Your best tools are your own skepticism and well-placed sources found well before the word "merger" hits the markets.

These stories involve the marriage of billions and blockbuster brand names. Avoid getting caught up in the revelry.

"We're great a year later when (companies) have not met their numbers," says Andrew Ross Sorkin, chief M&A reporter for The New York Times. "On day one, too often, we've got the pompoms out and we're doing a cheer."

Take out the analytical hats for the next-day story, not just the anniversary. If companies declare they'll save billions by combining back offices, challenge them. Refer to them merely as claims in your story.

Then look for drawbacks. For one, New York consulting firm Bain & Co. Inc. found that 60 percent of big deals under-perform their peers, and half actually "destroy shareholder value." Those are strong words for a transaction touted as "win-win."

In the tech sector, more so than any other industry, companies have seen these marriages turn into ugly divorces or spinoffs, according to a story Sorkin wrote last week.

Another downer -- layoffs. Local employees will likely lose jobs after this deal. Tell their stories.

Reporters should stock rolodexes with research analysts, local institutional investors, labor unions and competitors who can bare the deal's underbelly, even if on background. Sorkin also suggests reporters Google the words "integration specialists" to get their takes on the press release's promises.

Regardless of a CEO's boasts, this month's celebrated union could become next year's most talked-about fallout. Cases in point: AOL-Time Warner and HP-Compaq, which just lost its CEO.

Indeed, human drama is a colorful backdrop for these negotiations. Describe that. Company executives all but read from scripts when they announce deals, but ask them offbeat questions: What was the deal's code name while pending? Where did most negotiations occur? How did management celebrate when they nailed that last number?

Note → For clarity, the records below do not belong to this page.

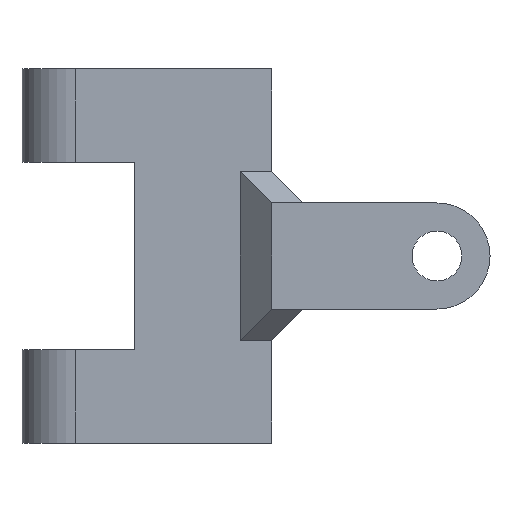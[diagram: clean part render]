
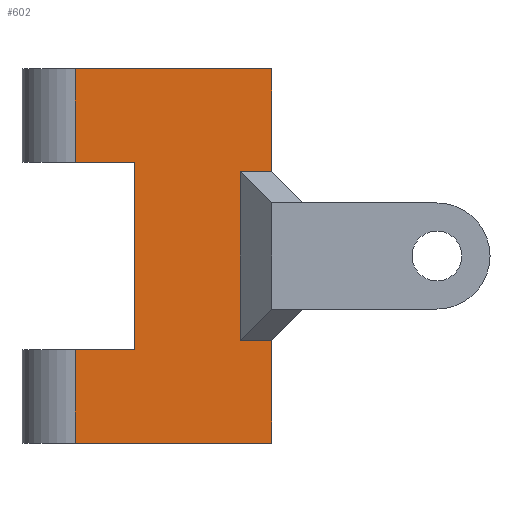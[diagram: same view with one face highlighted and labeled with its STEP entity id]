
A CAD part, front view. The second image highlights one B-rep face of the part: STEP entity #602.
In plain terms, the highlighted planar face has unit normal (0, -1, 0).
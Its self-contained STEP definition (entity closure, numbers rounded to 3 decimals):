
#52=FACE_OUTER_BOUND('',#86,.T.);
#86=EDGE_LOOP('',(#411,#412,#413,#414,#415,#416,#417,#418,#419,#420,#421,
#422));
#132=LINE('',#863,#200);
#135=LINE('',#869,#203);
#136=LINE('',#871,#204);
#137=LINE('',#873,#205);
#138=LINE('',#875,#206);
#139=LINE('',#877,#207);
#140=LINE('',#879,#208);
#141=LINE('',#881,#209);
#142=LINE('',#883,#210);
#143=LINE('',#885,#211);
#144=LINE('',#887,#212);
#145=LINE('',#888,#213);
#200=VECTOR('',#692,10.);
#203=VECTOR('',#697,10.);
#204=VECTOR('',#698,10.);
#205=VECTOR('',#699,10.);
#206=VECTOR('',#700,10.);
#207=VECTOR('',#701,10.);
#208=VECTOR('',#702,10.);
#209=VECTOR('',#703,10.);
#210=VECTOR('',#704,10.);
#211=VECTOR('',#705,10.);
#212=VECTOR('',#706,10.);
#213=VECTOR('',#707,10.);
#268=VERTEX_POINT('',#860);
#269=VERTEX_POINT('',#862);
#271=VERTEX_POINT('',#868);
#272=VERTEX_POINT('',#870);
#273=VERTEX_POINT('',#872);
#274=VERTEX_POINT('',#874);
#275=VERTEX_POINT('',#876);
#276=VERTEX_POINT('',#878);
#277=VERTEX_POINT('',#880);
#278=VERTEX_POINT('',#882);
#279=VERTEX_POINT('',#884);
#280=VERTEX_POINT('',#886);
#324=EDGE_CURVE('',#268,#269,#132,.T.);
#327=EDGE_CURVE('',#271,#268,#135,.T.);
#328=EDGE_CURVE('',#272,#271,#136,.T.);
#329=EDGE_CURVE('',#273,#272,#137,.T.);
#330=EDGE_CURVE('',#274,#273,#138,.T.);
#331=EDGE_CURVE('',#275,#274,#139,.T.);
#332=EDGE_CURVE('',#275,#276,#140,.T.);
#333=EDGE_CURVE('',#276,#277,#141,.T.);
#334=EDGE_CURVE('',#277,#278,#142,.T.);
#335=EDGE_CURVE('',#279,#278,#143,.T.);
#336=EDGE_CURVE('',#280,#279,#144,.T.);
#337=EDGE_CURVE('',#269,#280,#145,.T.);
#411=ORIENTED_EDGE('',*,*,#324,.F.);
#412=ORIENTED_EDGE('',*,*,#327,.F.);
#413=ORIENTED_EDGE('',*,*,#328,.F.);
#414=ORIENTED_EDGE('',*,*,#329,.F.);
#415=ORIENTED_EDGE('',*,*,#330,.F.);
#416=ORIENTED_EDGE('',*,*,#331,.F.);
#417=ORIENTED_EDGE('',*,*,#332,.T.);
#418=ORIENTED_EDGE('',*,*,#333,.T.);
#419=ORIENTED_EDGE('',*,*,#334,.T.);
#420=ORIENTED_EDGE('',*,*,#335,.F.);
#421=ORIENTED_EDGE('',*,*,#336,.F.);
#422=ORIENTED_EDGE('',*,*,#337,.F.);
#576=PLANE('',#638);
#602=ADVANCED_FACE('',(#52),#576,.F.);
#638=AXIS2_PLACEMENT_3D('',#867,#695,#696);
#692=DIRECTION('',(1.,0.,0.));
#695=DIRECTION('center_axis',(0.,1.,0.));
#696=DIRECTION('ref_axis',(1.,0.,0.));
#697=DIRECTION('',(0.,0.,-1.));
#698=DIRECTION('',(-1.,0.,0.));
#699=DIRECTION('',(0.,0.,-1.));
#700=DIRECTION('',(1.,0.,0.));
#701=DIRECTION('',(0.,0.,1.));
#702=DIRECTION('',(1.,0.,0.));
#703=DIRECTION('',(0.,0.,-1.));
#704=DIRECTION('',(-1.,0.,0.));
#705=DIRECTION('',(0.,0.,1.));
#706=DIRECTION('',(-1.,0.,0.));
#707=DIRECTION('',(0.,0.,-1.));
#860=CARTESIAN_POINT('',(35.,0.,-43.5));
#862=CARTESIAN_POINT('',(40.,0.,-43.5));
#863=CARTESIAN_POINT('',(30.,0.,-43.5));
#867=CARTESIAN_POINT('Origin',(20.,0.,-30.));
#868=CARTESIAN_POINT('',(35.,0.,-16.5));
#869=CARTESIAN_POINT('',(35.,0.,-30.));
#870=CARTESIAN_POINT('',(40.,0.,-16.5));
#871=CARTESIAN_POINT('',(30.,0.,-16.5));
#872=CARTESIAN_POINT('',(40.,0.,0.));
#873=CARTESIAN_POINT('',(40.,0.,0.));
#874=CARTESIAN_POINT('',(8.5,0.,0.));
#875=CARTESIAN_POINT('',(0.,0.,0.));
#876=CARTESIAN_POINT('',(8.5,0.,-15.));
#877=CARTESIAN_POINT('',(8.5,0.,-45.));
#878=CARTESIAN_POINT('',(18.,0.,-15.));
#879=CARTESIAN_POINT('',(19.,0.,-15.));
#880=CARTESIAN_POINT('',(18.,0.,-45.));
#881=CARTESIAN_POINT('',(18.,0.,-37.5));
#882=CARTESIAN_POINT('',(8.5,0.,-45.));
#883=CARTESIAN_POINT('',(10.,0.,-45.));
#884=CARTESIAN_POINT('',(8.5,0.,-60.));
#885=CARTESIAN_POINT('',(8.5,0.,-45.));
#886=CARTESIAN_POINT('',(40.,0.,-60.));
#887=CARTESIAN_POINT('',(40.,0.,-60.));
#888=CARTESIAN_POINT('',(40.,0.,0.));

That doesn't mean assuming the role of intense inquisitor. "If you approach them with guns ablazing, you're not going to get very much," Sorkin says. Instead, he says, let them wax on about secrets held from their own spouses. "For months, they haven't been able to tell anyone a thing. They're dying to tell the story."

Part of the M&A story is discovering it before executives proclaim it in press release form. That takes source building starting from day one of the job, not day one of the merger announcement.

"If you try to come in cold and make calls, you're not going to get anything," Stone says.

List the companies you cover. Identify the circle of folks who'd know about merger plans months, even years, ahead. Management. Board of directors. In-house counsel. Sometimes, the company's strategic development arm. Perhaps the company has hired outside consultants, investment bankers, lawyers or specialized PR firms.

The closer they move toward deals, the more the circle widens. Look for jilted bidders. Or maybe the company, in its attempt to turn the announcement into a gala event, has booked local hotel ballrooms and hired local printers to churn out glossy brochures.

"All these people should be considered sources at some point," Sorkin says. So meet with them in advance. Suggest off-the-record introductory chats over coffee or lunch. But always be wary of their agendas.

Step two, Sorkin says, is determining which company is a potential merger candidate. Scan their stocks hourly -- any up-or-down activity without accompanying news is reason to pick up the phone and start asking questions. Sorkin checks chat rooms for merger gossip. Other reporters have been tipped off by Federal Aviation Administration's log of corporate jet flight plans.

At the St. Louis Post-Dispatch, which is covering its own employer's potential sale to Lee Enterprises Inc., reporters found that Lee's corporate jet had flown to St. Louis twice in December and January, weeks before the sale was announced.

Merger hunting may sound like a pointless pursuit. Sorkin jokingly calls his "the most inefficient job in town."

"You are constantly searching for a needle in a haystack," he says. "Usually there's only one needle. On most days, there's a lot of hay."

But that one needle may pierce hundreds of local workers and investors. There's nothing pointless about telling that story.